Mirabas casi sin mirar las manchas del cielo… Y comenzaste a buscar figuras ocultas, según tú, y te pareció encontrar un ave, que bien pudiese ser el ave fénix y luego viste una cabeza de caballo y por allá una estrella, y por ahí el perfil de un hombre de grandes entradas y bigotes, y tú mismo te dadas argumentos… “sí, ahí está la frente amplia y abajo los bigotes”… Y te acordaste de José Manuel…. “el cura Balmacedista me decían”, y parece que ya hablabas solo y no te importaba.
“Luego la guerra”, te dijiste como conversando con alguien. Y recordaste con una sombra de amargura, que habías dicho o quizás solo lo pensaste, “que está bien… que bueno que termine la guerra… gane quien gane… que se acabe la cacería”. Pero para ti no llegó la paz.
Aquellos que quedaron en pie tras la victoria, con antorchas y pistolas se tomaban venganza de las ofensas, y tomaban también monedas, saqueaban las casas de los derrotados.
“Pobre familia Solovera“, pensaste y tus ojos se humedecieron, cosa poco habitual en ti, y el tobillo pareció dejar de doler.
“Y allá afuera, ¿habrá alguien que me defienda?” Y no te atreviste a pensar en respuestas.
“Y entonces fueron por mí”. Te relatabas a ti mismo la historia, como no queriendo olvidar… “Le dieron patadas a la puerta de mi casa y con gritos, insultos y empujones me subieron al carro policial, como si fuese un criminal… Vi varias caras de conocidos: la señora Carmen, que se olvidó que fui yo quien le hablé al droguero Hagel para que le entregara sus remedios.
Quisiste tener pena por ellos, pero tu rabia era mayor.

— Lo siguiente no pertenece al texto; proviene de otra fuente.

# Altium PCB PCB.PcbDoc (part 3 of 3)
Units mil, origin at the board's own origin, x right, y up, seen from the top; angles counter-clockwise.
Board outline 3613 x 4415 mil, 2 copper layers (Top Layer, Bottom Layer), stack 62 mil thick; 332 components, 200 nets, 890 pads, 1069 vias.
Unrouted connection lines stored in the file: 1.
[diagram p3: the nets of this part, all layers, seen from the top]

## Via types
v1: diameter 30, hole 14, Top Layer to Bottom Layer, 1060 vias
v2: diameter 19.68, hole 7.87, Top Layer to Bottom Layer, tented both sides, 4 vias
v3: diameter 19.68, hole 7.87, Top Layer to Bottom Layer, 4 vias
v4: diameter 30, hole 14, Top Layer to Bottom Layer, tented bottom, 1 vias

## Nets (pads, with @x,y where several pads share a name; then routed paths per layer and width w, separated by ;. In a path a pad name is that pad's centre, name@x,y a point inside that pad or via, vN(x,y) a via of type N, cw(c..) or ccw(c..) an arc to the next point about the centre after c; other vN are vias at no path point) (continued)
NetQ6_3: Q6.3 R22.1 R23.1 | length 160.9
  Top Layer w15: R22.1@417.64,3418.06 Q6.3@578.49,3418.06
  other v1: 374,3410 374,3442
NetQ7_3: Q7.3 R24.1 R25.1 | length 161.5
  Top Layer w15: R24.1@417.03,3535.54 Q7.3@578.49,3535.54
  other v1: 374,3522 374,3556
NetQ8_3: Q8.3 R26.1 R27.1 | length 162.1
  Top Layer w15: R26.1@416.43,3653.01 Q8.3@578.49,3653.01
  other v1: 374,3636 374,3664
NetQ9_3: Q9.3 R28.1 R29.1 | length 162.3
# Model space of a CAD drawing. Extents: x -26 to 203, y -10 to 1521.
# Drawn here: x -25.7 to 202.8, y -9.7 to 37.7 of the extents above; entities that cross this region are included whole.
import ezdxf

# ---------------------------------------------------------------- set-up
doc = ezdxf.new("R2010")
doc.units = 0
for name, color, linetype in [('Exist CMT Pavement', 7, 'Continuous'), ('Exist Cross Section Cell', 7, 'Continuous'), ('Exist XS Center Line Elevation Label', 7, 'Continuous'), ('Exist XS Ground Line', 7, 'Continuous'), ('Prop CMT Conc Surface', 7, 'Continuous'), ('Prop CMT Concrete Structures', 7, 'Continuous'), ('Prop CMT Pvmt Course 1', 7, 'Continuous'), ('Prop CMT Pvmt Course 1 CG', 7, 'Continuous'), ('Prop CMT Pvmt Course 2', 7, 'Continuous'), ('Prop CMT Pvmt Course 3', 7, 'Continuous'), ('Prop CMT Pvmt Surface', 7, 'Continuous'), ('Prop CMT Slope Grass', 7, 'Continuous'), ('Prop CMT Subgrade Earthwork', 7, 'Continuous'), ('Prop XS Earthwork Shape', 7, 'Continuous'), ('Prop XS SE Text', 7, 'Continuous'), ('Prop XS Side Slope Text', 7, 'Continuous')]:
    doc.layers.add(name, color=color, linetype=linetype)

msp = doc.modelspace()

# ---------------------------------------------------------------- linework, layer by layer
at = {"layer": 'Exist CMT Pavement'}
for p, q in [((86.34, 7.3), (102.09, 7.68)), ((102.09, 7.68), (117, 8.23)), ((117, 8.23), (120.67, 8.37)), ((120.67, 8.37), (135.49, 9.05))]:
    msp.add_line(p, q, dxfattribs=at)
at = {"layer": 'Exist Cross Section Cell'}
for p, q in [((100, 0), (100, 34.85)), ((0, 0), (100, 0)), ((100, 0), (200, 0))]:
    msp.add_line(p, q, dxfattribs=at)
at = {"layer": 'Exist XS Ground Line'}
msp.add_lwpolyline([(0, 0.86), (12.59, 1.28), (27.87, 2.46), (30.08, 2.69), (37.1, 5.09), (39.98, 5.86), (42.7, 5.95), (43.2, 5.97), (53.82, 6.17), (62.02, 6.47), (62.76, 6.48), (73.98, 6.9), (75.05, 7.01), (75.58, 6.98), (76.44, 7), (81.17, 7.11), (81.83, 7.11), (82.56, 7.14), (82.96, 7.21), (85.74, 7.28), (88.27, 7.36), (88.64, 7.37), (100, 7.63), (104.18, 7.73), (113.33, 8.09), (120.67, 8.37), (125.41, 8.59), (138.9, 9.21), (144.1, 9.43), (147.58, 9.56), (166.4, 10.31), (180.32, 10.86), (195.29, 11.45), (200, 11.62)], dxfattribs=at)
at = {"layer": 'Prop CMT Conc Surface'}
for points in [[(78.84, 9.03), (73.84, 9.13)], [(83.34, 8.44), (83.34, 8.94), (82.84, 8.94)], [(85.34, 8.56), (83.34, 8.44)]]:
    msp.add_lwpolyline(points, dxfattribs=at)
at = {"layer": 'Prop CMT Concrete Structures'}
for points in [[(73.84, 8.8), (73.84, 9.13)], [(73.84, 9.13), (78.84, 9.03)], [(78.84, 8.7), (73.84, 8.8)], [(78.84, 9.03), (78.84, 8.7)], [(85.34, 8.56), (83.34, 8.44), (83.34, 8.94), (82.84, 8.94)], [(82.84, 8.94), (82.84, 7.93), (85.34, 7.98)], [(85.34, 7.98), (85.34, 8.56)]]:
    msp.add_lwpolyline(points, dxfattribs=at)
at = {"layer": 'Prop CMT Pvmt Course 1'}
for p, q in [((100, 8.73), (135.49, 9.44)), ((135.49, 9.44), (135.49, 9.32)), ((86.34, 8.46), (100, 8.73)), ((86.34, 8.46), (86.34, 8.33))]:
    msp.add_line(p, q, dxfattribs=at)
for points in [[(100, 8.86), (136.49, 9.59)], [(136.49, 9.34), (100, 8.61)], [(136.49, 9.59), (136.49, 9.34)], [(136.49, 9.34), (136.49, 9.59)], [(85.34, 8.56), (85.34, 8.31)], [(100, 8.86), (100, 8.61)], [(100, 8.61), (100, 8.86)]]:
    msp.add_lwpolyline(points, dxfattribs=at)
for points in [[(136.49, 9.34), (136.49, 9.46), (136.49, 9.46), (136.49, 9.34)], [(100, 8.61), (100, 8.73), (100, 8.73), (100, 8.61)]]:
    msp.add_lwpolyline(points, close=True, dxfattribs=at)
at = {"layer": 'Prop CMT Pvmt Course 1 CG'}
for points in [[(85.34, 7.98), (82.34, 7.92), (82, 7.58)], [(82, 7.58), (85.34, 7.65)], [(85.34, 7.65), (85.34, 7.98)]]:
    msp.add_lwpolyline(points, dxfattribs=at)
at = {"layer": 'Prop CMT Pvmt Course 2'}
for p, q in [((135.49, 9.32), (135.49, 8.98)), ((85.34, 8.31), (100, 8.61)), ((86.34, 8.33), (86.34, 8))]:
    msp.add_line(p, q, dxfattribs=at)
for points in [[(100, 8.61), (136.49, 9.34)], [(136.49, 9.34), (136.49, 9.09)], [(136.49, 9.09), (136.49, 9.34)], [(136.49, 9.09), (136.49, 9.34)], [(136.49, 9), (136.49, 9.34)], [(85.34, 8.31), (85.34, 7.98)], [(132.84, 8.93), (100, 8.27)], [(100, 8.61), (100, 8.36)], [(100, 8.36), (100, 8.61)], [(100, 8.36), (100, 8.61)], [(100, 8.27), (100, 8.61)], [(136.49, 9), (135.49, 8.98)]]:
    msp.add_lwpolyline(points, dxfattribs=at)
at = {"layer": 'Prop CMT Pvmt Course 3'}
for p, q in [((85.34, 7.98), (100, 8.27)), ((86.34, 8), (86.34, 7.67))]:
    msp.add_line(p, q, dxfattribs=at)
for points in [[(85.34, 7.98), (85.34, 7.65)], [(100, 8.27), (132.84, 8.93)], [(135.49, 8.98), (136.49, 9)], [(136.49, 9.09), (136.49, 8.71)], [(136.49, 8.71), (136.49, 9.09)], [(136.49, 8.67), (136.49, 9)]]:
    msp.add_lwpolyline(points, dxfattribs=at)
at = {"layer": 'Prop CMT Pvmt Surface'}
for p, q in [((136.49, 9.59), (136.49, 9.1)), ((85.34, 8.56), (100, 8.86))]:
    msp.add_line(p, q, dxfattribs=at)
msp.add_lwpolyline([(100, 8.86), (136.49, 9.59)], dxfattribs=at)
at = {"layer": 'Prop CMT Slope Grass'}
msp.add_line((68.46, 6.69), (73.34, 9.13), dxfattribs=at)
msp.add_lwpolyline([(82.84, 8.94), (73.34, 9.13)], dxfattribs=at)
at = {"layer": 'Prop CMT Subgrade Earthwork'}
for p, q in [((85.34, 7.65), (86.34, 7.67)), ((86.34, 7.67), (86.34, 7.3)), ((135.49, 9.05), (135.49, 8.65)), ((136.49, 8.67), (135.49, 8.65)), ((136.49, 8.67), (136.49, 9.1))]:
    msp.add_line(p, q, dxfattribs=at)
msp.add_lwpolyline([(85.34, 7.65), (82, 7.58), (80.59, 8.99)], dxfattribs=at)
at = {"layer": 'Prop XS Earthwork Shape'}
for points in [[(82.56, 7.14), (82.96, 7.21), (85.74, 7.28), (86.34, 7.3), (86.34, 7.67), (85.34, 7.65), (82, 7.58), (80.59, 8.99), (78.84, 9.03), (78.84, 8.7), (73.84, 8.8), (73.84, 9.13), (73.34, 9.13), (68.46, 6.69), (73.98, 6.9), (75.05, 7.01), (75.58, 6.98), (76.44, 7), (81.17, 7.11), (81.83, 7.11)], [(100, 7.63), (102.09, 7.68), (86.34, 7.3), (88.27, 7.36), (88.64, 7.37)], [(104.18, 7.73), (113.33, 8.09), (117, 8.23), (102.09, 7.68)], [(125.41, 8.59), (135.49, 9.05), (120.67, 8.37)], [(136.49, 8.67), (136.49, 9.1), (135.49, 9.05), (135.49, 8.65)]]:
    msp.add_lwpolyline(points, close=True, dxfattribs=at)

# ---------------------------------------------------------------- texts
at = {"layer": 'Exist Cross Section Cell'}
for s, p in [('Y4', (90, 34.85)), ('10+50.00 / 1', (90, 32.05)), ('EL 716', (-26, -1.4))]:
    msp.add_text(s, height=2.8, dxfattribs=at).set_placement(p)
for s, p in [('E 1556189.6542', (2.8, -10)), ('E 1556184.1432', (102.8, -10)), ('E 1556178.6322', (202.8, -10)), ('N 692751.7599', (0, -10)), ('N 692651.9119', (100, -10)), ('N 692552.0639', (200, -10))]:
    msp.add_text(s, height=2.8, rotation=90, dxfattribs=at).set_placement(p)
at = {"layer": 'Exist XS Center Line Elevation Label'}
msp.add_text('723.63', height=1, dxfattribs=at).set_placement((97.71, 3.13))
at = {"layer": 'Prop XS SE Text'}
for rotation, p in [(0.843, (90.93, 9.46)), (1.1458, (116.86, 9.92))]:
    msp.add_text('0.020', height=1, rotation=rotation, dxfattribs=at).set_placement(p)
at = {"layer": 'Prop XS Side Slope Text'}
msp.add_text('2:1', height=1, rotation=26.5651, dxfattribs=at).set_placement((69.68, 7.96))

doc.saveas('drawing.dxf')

Malagradecidos, pensaste, pero luego te diste cuenta que en realidad lo dijiste, y que al hacerlo, resultó un acto liberador… “Malagradecidos”, y tu voz quebradiza, como la de quien pronto romperá en llanto, se mutó a otra más serena… Respiraste… Te sentaste cobre la cama… “Son unos malagradecidos, después de haber hecho tanto por esta ciudad y su gente, son unos malagradecidos…, pero no les tengo miedo. Aquí estoy…” Te pusiste de pie y mirabas hacia la puerta, y te sorprendiste de ti mismo, “no les temo, no he hecho nada malo. Vengan por mí, acá está el Cura Gómez”.